Time Warner Cable has beat me down and cut me up so many times before, but like a dumb bitch I never quit them and now it’s going to eff me in the ass. I start going into minor convulsions when my cable goes out, so I’m afraid for my own safety come tomorrow. That’s because 19 channels will go dark starting at 12:01am on January 1st for Time Warner Cable and Bright House customers.
It all has to do with Time Warner Cable and Viacom acting like two stupid ass skanks! Those evil bitches are fighting over money, of course. Time Warner says Viacom wants to charge more for use of their whores including: MTV, MTV 2, MTV Hits, MTV James, MTV Tr3s, Comedy Central, CMT, Pure Country, Logo, Palladia, Nickelodeon, Noggin, Nick 2, Nicktoons, Spike, The N, TV Land, Vh1, Vh1 Classic and Vh1 Soul. Time Warner Cable doesn’t want to pay, because they will have to charge their subscribers more if they agree to it.
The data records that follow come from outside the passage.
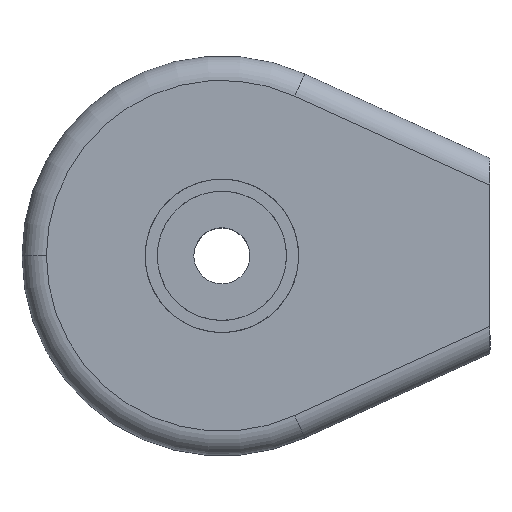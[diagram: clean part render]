
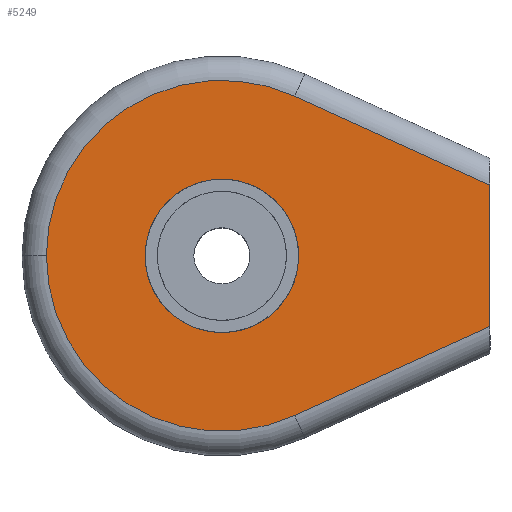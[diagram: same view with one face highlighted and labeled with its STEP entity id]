
A CAD part, top view. The second image highlights one B-rep face of the part: STEP entity #5249.
In plain terms, the highlighted planar face has unit normal (0, 0, 1).
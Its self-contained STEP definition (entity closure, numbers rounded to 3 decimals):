
#111 = CARTESIAN_POINT ( 'NONE',  ( 0., 0., 4.11 ) ) ;
#140 = VERTEX_POINT ( 'NONE', #4826 ) ;
#224 = CIRCLE ( 'NONE', #7016, 3.15 ) ;
#273 = DIRECTION ( 'NONE',  ( -1., 0., 0. ) ) ;
#416 = EDGE_CURVE ( 'NONE', #4532, #3088, #2885, .T. ) ;
#453 = EDGE_CURVE ( 'NONE', #5571, #4532, #4200, .T. ) ;
#542 = FACE_BOUND ( 'NONE', #1622, .T. ) ;
#868 = AXIS2_PLACEMENT_3D ( 'NONE', #1673, #2822, #5114 ) ;
#959 = EDGE_CURVE ( 'NONE', #1264, #5571, #2712, .T. ) ;
#1045 = DIRECTION ( 'NONE',  ( 0., 0., -1. ) ) ;
#1126 = EDGE_CURVE ( 'NONE', #5992, #2560, #4499, .T. ) ;
#1264 = VERTEX_POINT ( 'NONE', #2971 ) ;
#1265 = DIRECTION ( 'NONE',  ( -1., 0., 0. ) ) ;
#1271 = DIRECTION ( 'NONE',  ( 0.91, 0.415, 0. ) ) ;
#1406 = DIRECTION ( 'NONE',  ( 0., 0., 1. ) ) ;
#1622 = EDGE_LOOP ( 'NONE', ( #3832, #2084 ) ) ;
#1673 = CARTESIAN_POINT ( 'NONE',  ( 0., 0., 4.11 ) ) ;
#1690 = DIRECTION ( 'NONE',  ( 1., 0., 0. ) ) ;
#1745 = DIRECTION ( 'NONE',  ( -0.91, 0.415, 0. ) ) ;
#2018 = CARTESIAN_POINT ( 'NONE',  ( -3.15, 0., 4.11 ) ) ;
#2084 = ORIENTED_EDGE ( 'NONE', *, *, #1126, .F. ) ;
#2105 = AXIS2_PLACEMENT_3D ( 'NONE', #7243, #1406, #273 ) ;
#2219 = DIRECTION ( 'NONE',  ( -1., 0., 0. ) ) ;
#2304 = CARTESIAN_POINT ( 'NONE',  ( 0., 0., 4.11 ) ) ;
#2379 = ORIENTED_EDGE ( 'NONE', *, *, #3615, .T. ) ;
#2560 = VERTEX_POINT ( 'NONE', #2018 ) ;
#2635 = CARTESIAN_POINT ( 'NONE',  ( 2.985, -6.552, 4.11 ) ) ;
#2712 = CIRCLE ( 'NONE', #2105, 7.2 ) ;
#2822 = DIRECTION ( 'NONE',  ( 0., 0., 1. ) ) ;
#2885 = LINE ( 'NONE', #4161, #4164 ) ;
#2971 = CARTESIAN_POINT ( 'NONE',  ( -7.2, 0., 4.11 ) ) ;
#3088 = VERTEX_POINT ( 'NONE', #6120 ) ;
#3615 = EDGE_CURVE ( 'NONE', #140, #1264, #5924, .T. ) ;
#3820 = EDGE_LOOP ( 'NONE', ( #5121, #4410, #2379, #6694, #5429 ) ) ;
#3832 = ORIENTED_EDGE ( 'NONE', *, *, #6457, .F. ) ;
#4161 = CARTESIAN_POINT ( 'NONE',  ( 11., 4., 4.11 ) ) ;
#4164 = VECTOR ( 'NONE', #5275, 1000. ) ;
#4179 = CARTESIAN_POINT ( 'NONE',  ( 2.985, 6.552, 4.11 ) ) ;
#4200 = LINE ( 'NONE', #5320, #6814 ) ;
#4410 = ORIENTED_EDGE ( 'NONE', *, *, #6825, .T. ) ;
#4499 = CIRCLE ( 'NONE', #868, 3.15 ) ;
#4532 = VERTEX_POINT ( 'NONE', #6093 ) ;
#4539 = DIRECTION ( 'NONE',  ( 0., 0., 1. ) ) ;
#4605 = CARTESIAN_POINT ( 'NONE',  ( 0., 0., 4.11 ) ) ;
#4826 = CARTESIAN_POINT ( 'NONE',  ( 2.985, 6.552, 4.11 ) ) ;
#5114 = DIRECTION ( 'NONE',  ( 1., 0., 0. ) ) ;
#5121 = ORIENTED_EDGE ( 'NONE', *, *, #416, .T. ) ;
#5153 = PLANE ( 'NONE',  #6642 ) ;
#5249 = ADVANCED_FACE ( 'NONE', ( #6797, #542 ), #5153, .F. ) ;
#5275 = DIRECTION ( 'NONE',  ( 0., 1., 0. ) ) ;
#5320 = CARTESIAN_POINT ( 'NONE',  ( 2.985, -6.552, 4.11 ) ) ;
#5429 = ORIENTED_EDGE ( 'NONE', *, *, #453, .T. ) ;
#5571 = VERTEX_POINT ( 'NONE', #2635 ) ;
#5924 = CIRCLE ( 'NONE', #7038, 7.2 ) ;
#5992 = VERTEX_POINT ( 'NONE', #7417 ) ;
#6093 = CARTESIAN_POINT ( 'NONE',  ( 11., -2.901, 4.11 ) ) ;
#6120 = CARTESIAN_POINT ( 'NONE',  ( 11., 2.901, 4.11 ) ) ;
#6433 = LINE ( 'NONE', #4179, #7247 ) ;
#6457 = EDGE_CURVE ( 'NONE', #2560, #5992, #224, .T. ) ;
#6642 = AXIS2_PLACEMENT_3D ( 'NONE', #4605, #1045, #2219 ) ;
#6694 = ORIENTED_EDGE ( 'NONE', *, *, #959, .T. ) ;
#6797 = FACE_OUTER_BOUND ( 'NONE', #3820, .T. ) ;
#6814 = VECTOR ( 'NONE', #1271, 1000. ) ;
#6825 = EDGE_CURVE ( 'NONE', #3088, #140, #6433, .T. ) ;
#7016 = AXIS2_PLACEMENT_3D ( 'NONE', #2304, #4539, #1690 ) ;
#7038 = AXIS2_PLACEMENT_3D ( 'NONE', #111, #7068, #1265 ) ;
#7068 = DIRECTION ( 'NONE',  ( 0., 0., 1. ) ) ;
#7243 = CARTESIAN_POINT ( 'NONE',  ( 0., 0., 4.11 ) ) ;
#7247 = VECTOR ( 'NONE', #1745, 1000. ) ;
#7417 = CARTESIAN_POINT ( 'NONE',  ( 3.15, 0., 4.11 ) ) ;

No Colbert! No Double Shot At Hep! No Three’s Company reruns! No MTV True Life! No Charm School reunion show! None of that! I might as well move to Tibet to become a monk, because I’m fucked. TV and booze are the only two friends I can count on in this world to keep me from flushing myself down the toilet. How will I go on without 19 less channels to choose from? Hmmm. Maybe I can make my dog wear a tin foil hat, run a cord from his ass to my TV and have him stand outside on the window ledge. I would probably get better service too compared to Time Worthless Cable! Don’t worry, I’ll pay him with freshly baked cat cookies and air kisses. I’d give him real kisses, but I’m afraid of heights.
Viacom created a little PSA above asking whores to complain to Time Warner, because if they don’t come up with a solution soon, cable TV will die tomorrow.
But why should we have to call and complain? These idiots need to settle it themselves! Shoot each other! Shank each other! Fist each other! Cage wrestle each other! I don’t give a fuck as long as I have my Vh1 tomorrow morning.